If you go back to the last century web and, partially, also to the first decade of this century, you’ll notice that you accessed the web via a browser. The web was a gigantic, and growing warehouse of documents (like IEEE eXplore is a warehouse of articles). Ever better browsers flanked by search engines gave you the capability to find and look at what you wanted.
The landscape changed dramatically with the advent of apps (and the iPhone was surely a breaking point in this respect). Nowadays we are still using browsers and search engines but a significant portion of our web usage is based on apps. Apps are mediating our needs with service providers of some sort.
Apps are evolving, becoming smarter. They learn about us as we use them and thus are able to finely tune the interactions to our needs.
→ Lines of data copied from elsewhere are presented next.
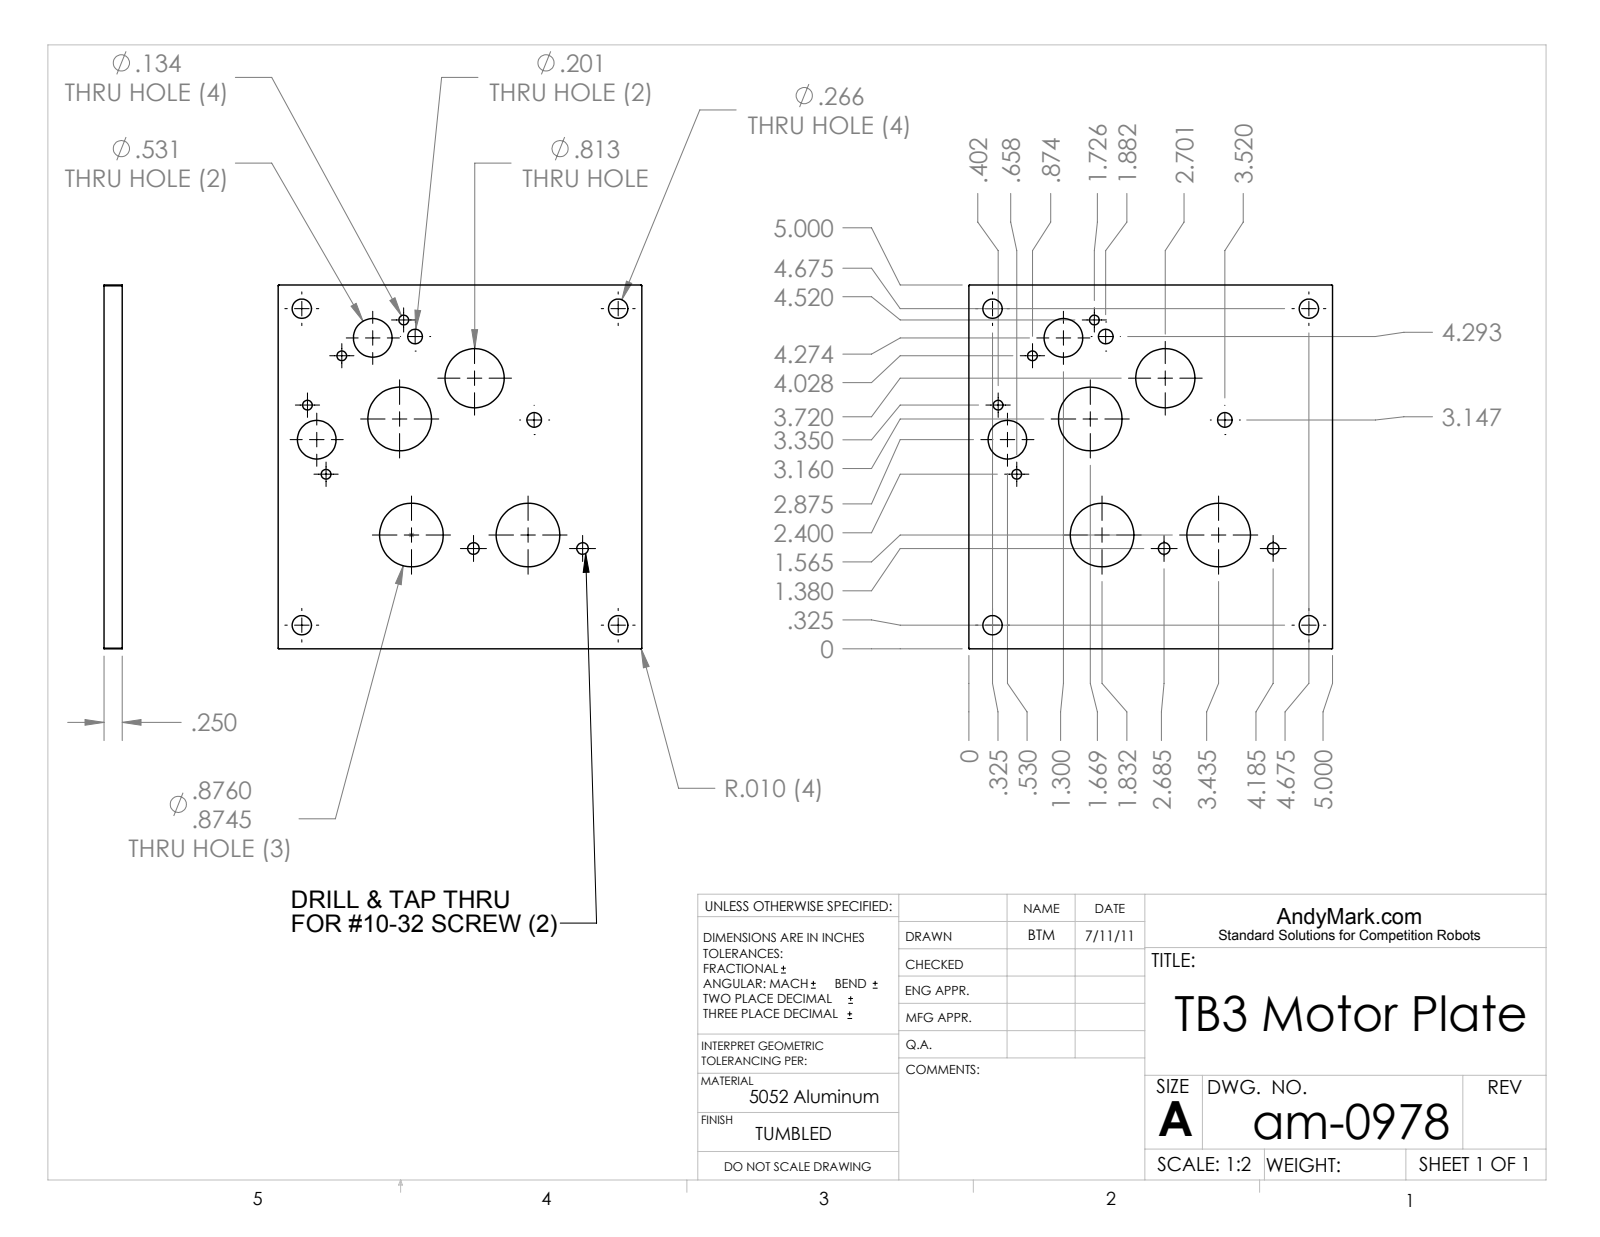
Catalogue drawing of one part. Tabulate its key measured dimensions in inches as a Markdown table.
| quantity | value |
| --- | --- |
| part name | am-0978 TB3 Motor Plate |
| STEP written by | SolidWorks 2010 (AUTOMOTIVE_DESIGN) |
| units | inches |
| bodies | 1 solid, 46 faces (6 planar, 40 cylindrical, 0 other) |
| overall size | 5 × 5 × 0.25 |
| volume | 5.463 in³ |
| surface area | 54.06 in² |
| round holes (diameter × count) | 0.134 × 4, 0.266 × 4, 0.875 × 3, 0.159 × 2, 0.201 × 2, 0.531 × 2, 0.813 × 1 |
| partial cylindrical surfaces (radius × count) | 0.01 × 4 |
| main face-to-face distances | 0.25, 5 |
| hole center spacings | 0.492, 1.603, 0.772, 0.984, 1, 3.208, 4.35, 4.35 |
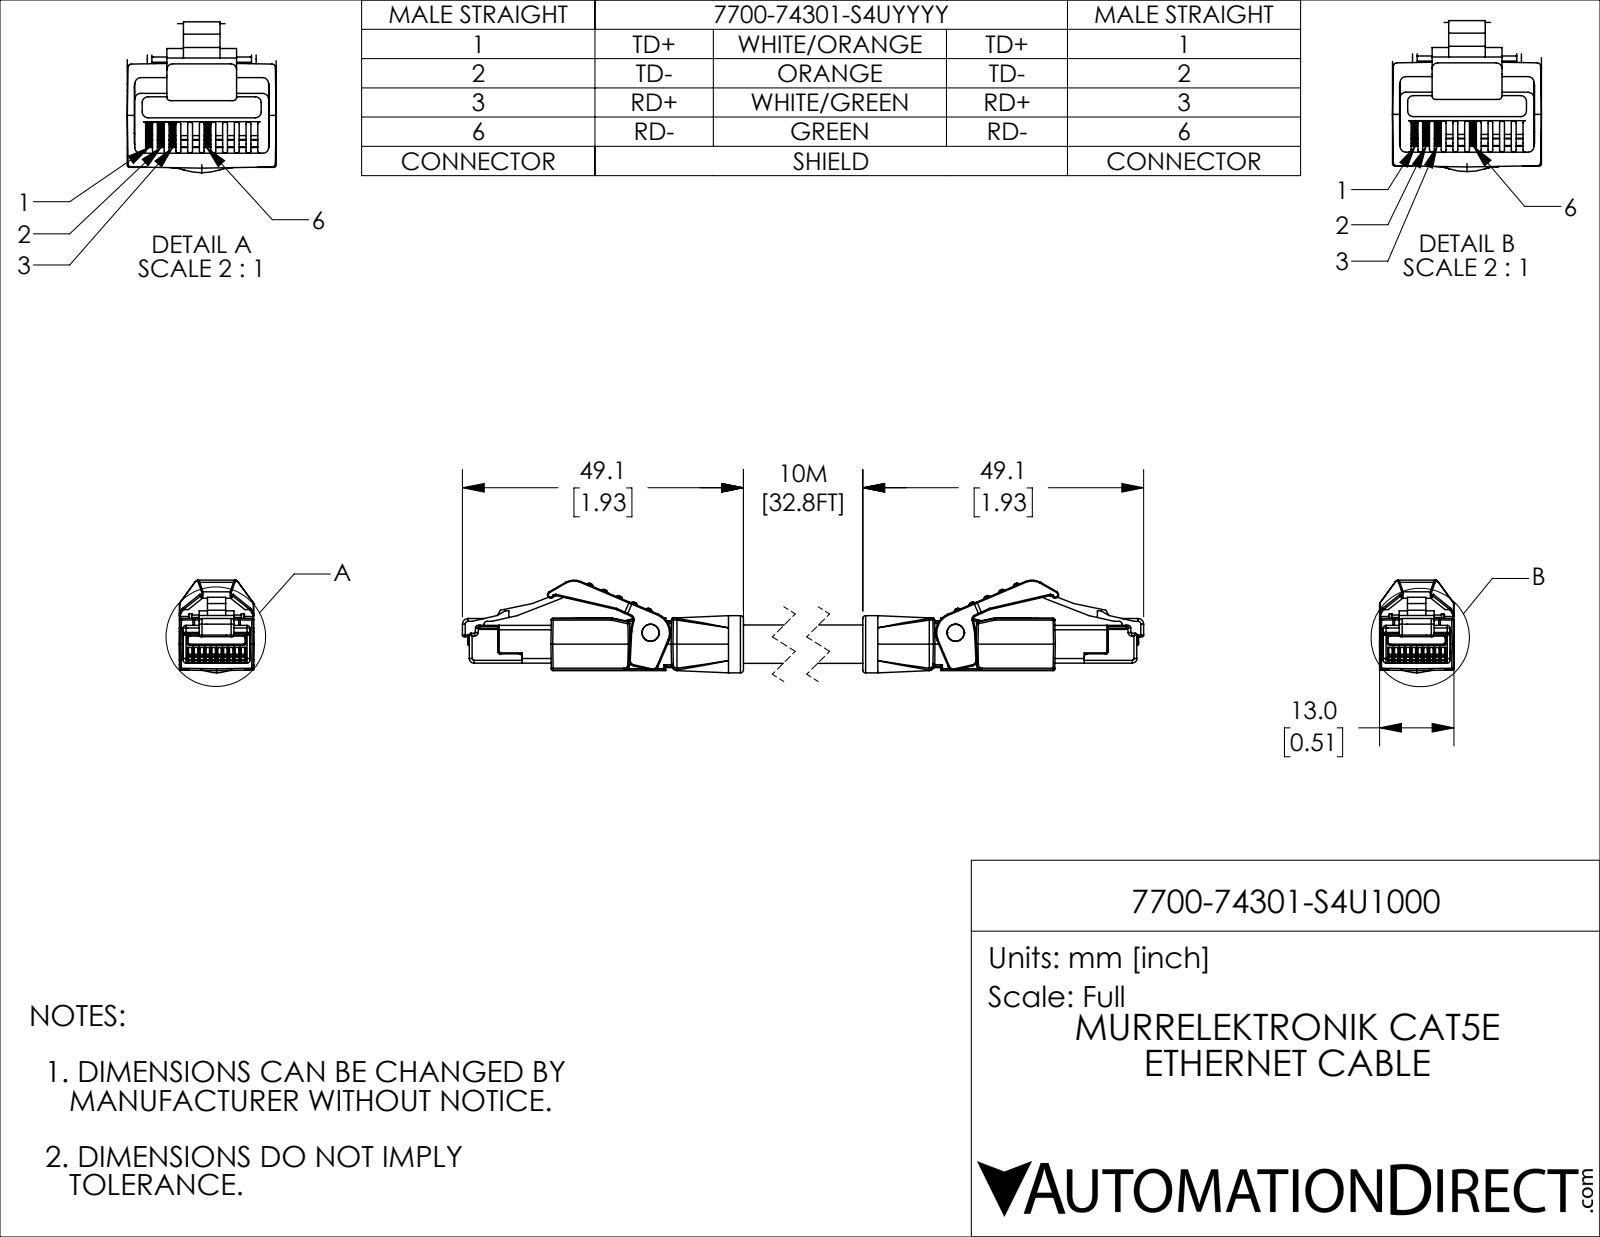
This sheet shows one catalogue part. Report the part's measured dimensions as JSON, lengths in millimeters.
{"part_name": "7700-74301-S4U1000_1; 7700-74301-S4U1000", "step_written_by": "SolidWorks 2021 (CONFIG_CONTROL_DESIGN)", "units": "millimeters", "bodies": {"solids": 2, "faces": 1406, "planar": 568, "cylindrical": 566, "other": 272}, "overall_size": [129.8, 16.2, 13], "volume_mm3": 10900, "surface_area_mm2": 6981, "round_holes": [[3, 2]], "round_bosses_or_shafts": [[3, 2], [10, 1], [6.7, 1]], "partial_cylinders_radius": [[0.2, 136], [0.3, 114], [0.1, 40], [0.5, 36], [1, 10], [0.8, 6], [2, 4], [5, 4]], "face_to_face_distances": [13, 9.2, 0.6, 12.4, 0.7, 6.6, 1.8, 11.3, 1.1, 10.6], "hole_center_spacings": [64.2]}

Some apps keep working in the backstage acquiring data that might be of our interest to have them available in the backstage ready for the next time we will use the app. Some go even further, generating messages to capture our attention.
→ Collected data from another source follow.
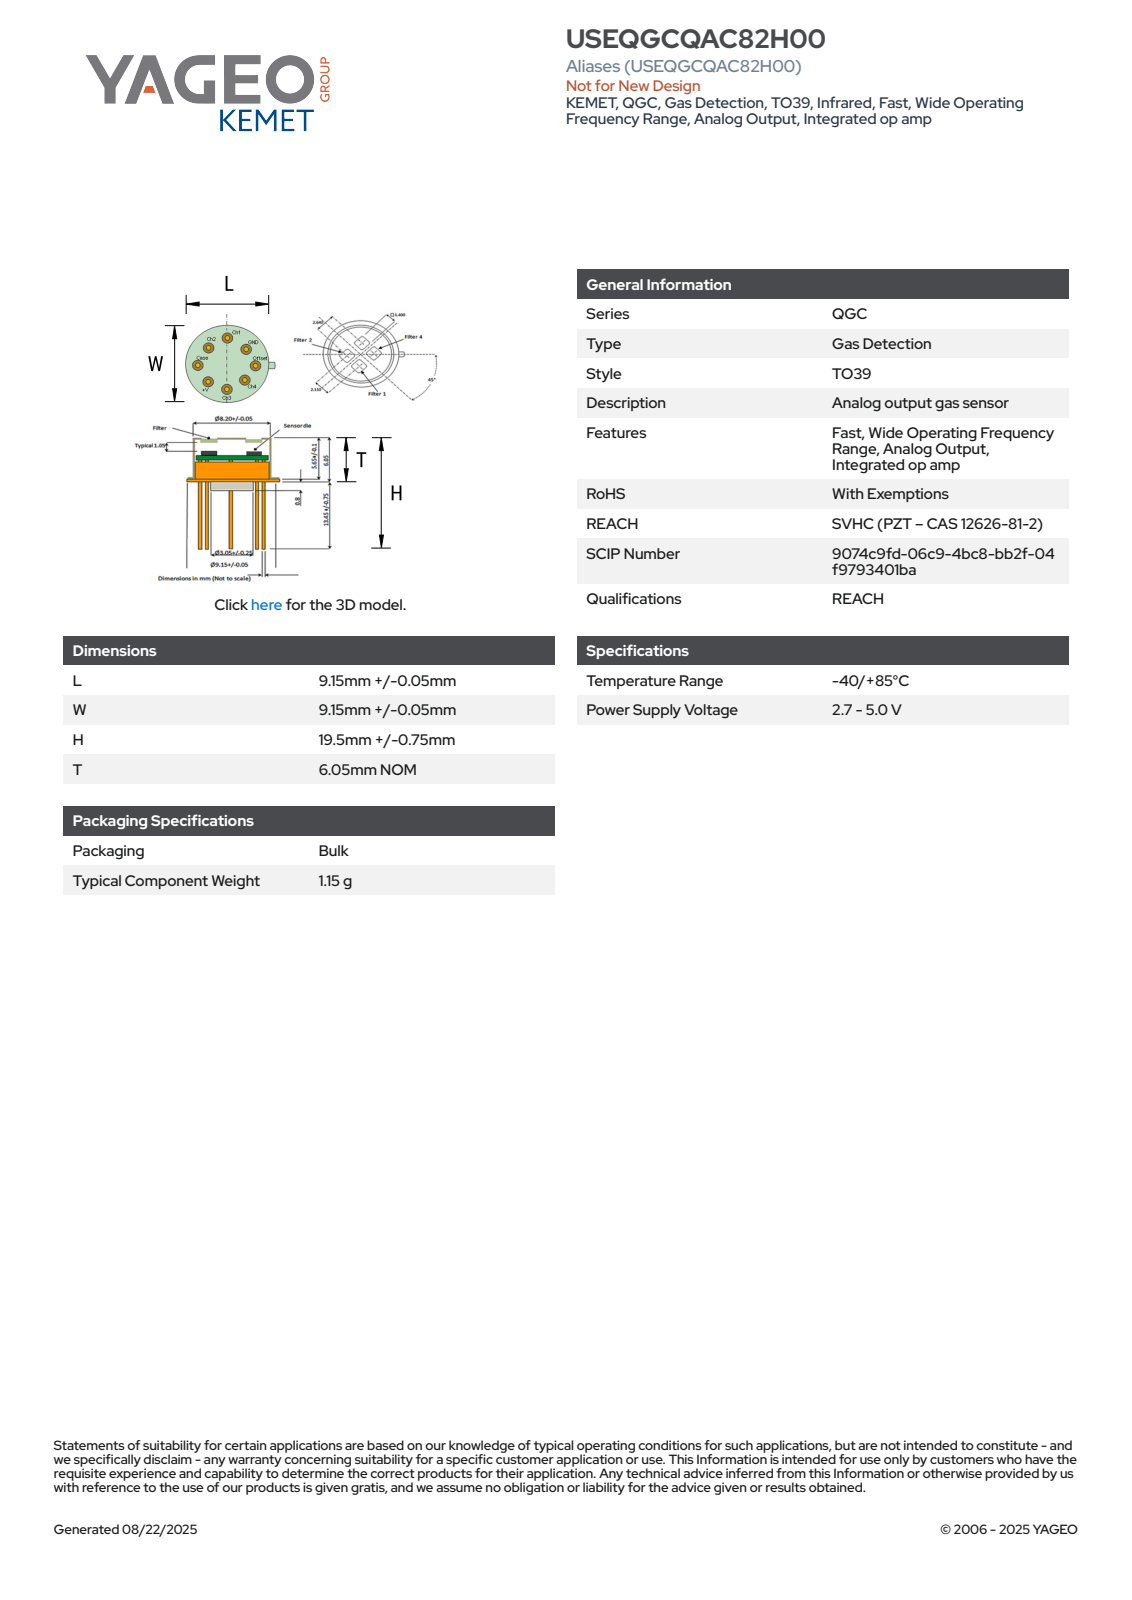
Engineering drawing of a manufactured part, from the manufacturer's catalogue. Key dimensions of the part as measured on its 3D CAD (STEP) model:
Part name (STEP PRODUCT): SF_QGCQ_L9.2W9.2H20.25T6.05
STEP written by: SolidWorks 2014 (AUTOMOTIVE_DESIGN)
Units: millimetres
Bodies: 1 solid, 114 faces (90 planar, 24 cylindrical, 0 other)
Overall size (bounding box): 20.25 × 9.68 × 9.19
Volume: 354 mm³ · Surface area: 471 mm²
Round bosses / shafts (diameter × count): ⌀0.48 ×8, ⌀9.19 ×1, ⌀8.25 ×1, ⌀3.05 ×1
Main face-to-face distances: 6.05, 5.75, 0.8, 1.1, 6.85, 13.4, 14.2, 14.5, 20.25, 0.44

The appearance of intelligent assistants begun in the last decade. They are moved from being a curiosity to taking a centerstage in our daily interaction with the cyberspace and even with other people, socially and in the business environment. The progress in artificial intelligence has been the enabling factor.
A very similar path will be taken by knowledge and knowledge access. Knowledge services embedded in apps will provide the knowledge that we need, when we need it and in the form that we will be able to apply it. This is what is called executable knowledge.
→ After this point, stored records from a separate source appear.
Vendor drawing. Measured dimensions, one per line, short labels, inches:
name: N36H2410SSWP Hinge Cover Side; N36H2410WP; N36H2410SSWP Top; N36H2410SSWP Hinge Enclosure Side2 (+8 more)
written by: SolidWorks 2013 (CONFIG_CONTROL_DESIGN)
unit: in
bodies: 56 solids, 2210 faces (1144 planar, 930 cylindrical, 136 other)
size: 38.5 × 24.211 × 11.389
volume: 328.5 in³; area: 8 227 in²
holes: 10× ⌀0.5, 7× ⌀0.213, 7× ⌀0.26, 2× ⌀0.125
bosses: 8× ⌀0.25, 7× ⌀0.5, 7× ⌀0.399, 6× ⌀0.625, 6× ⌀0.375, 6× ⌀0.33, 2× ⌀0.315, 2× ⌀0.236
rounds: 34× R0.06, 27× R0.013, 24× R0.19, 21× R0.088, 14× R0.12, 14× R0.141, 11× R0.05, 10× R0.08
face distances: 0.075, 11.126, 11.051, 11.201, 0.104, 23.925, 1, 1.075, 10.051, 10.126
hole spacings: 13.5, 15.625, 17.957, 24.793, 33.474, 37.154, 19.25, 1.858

The packaging of “data” with an interpreter of those data that can interact with an access agent is transforming the knowledge landscape. Data in a data centre, in a company repository, in a research centre and in academia, will no longer be a static entity. Rather they will become, in a way -and I know I will generate some discussion and opposition – self aware of their potential “usefulness”.
I have seen this happening, although on a smaller scale, with the initiative “Open Data Trentino” by the Province of Trento when I was at the EIT Digital Italian Node in Trento. The idea was to make available to anyone interested all data stored in the many (some 120) data bases of the Province. The data was encapsulated and made accessible only via API – Application Programming Interfaces-, pieces of software that will respond to a query by a user not providing the raw data, rather the meaning that was of significant to that specific query, a meaning that could be derived by performing data analytics on all the data sets (potentially). The idea was that as more data would become available (the Open Data Trentino initiative intended to stimulate the sharing of private companies data as well) and data analytics evolved – read inclusion of artificial intelligence – it would be possible to offer more and more meaning to a growing variety of users, in other words to extract more and more value from data. To my knowledge it was a first, basic, attempt at the development of a system to deliver executable knowledge.
What was notable was that all aspects were tackled:
- providing a meaning that was derived from many data sets – the system tried to “understand” the query and worked out the necessary actions to retrive the meaning disseminated in the data;
- providing a framework that was preserving the ownership of data;
- protecting the data owners from potential undesired issues of misuse of their data
- providing a mechanism to extract value from the data and share the economic value resulting from the use of data with the owner(s).
To my knowledge the Open Data Trentino has proved its value in stimulating the opening of data by private companies, however its full potential has not been pursued (i.e. it is still looking like a more advanced data centre rather than a knowledge service centre).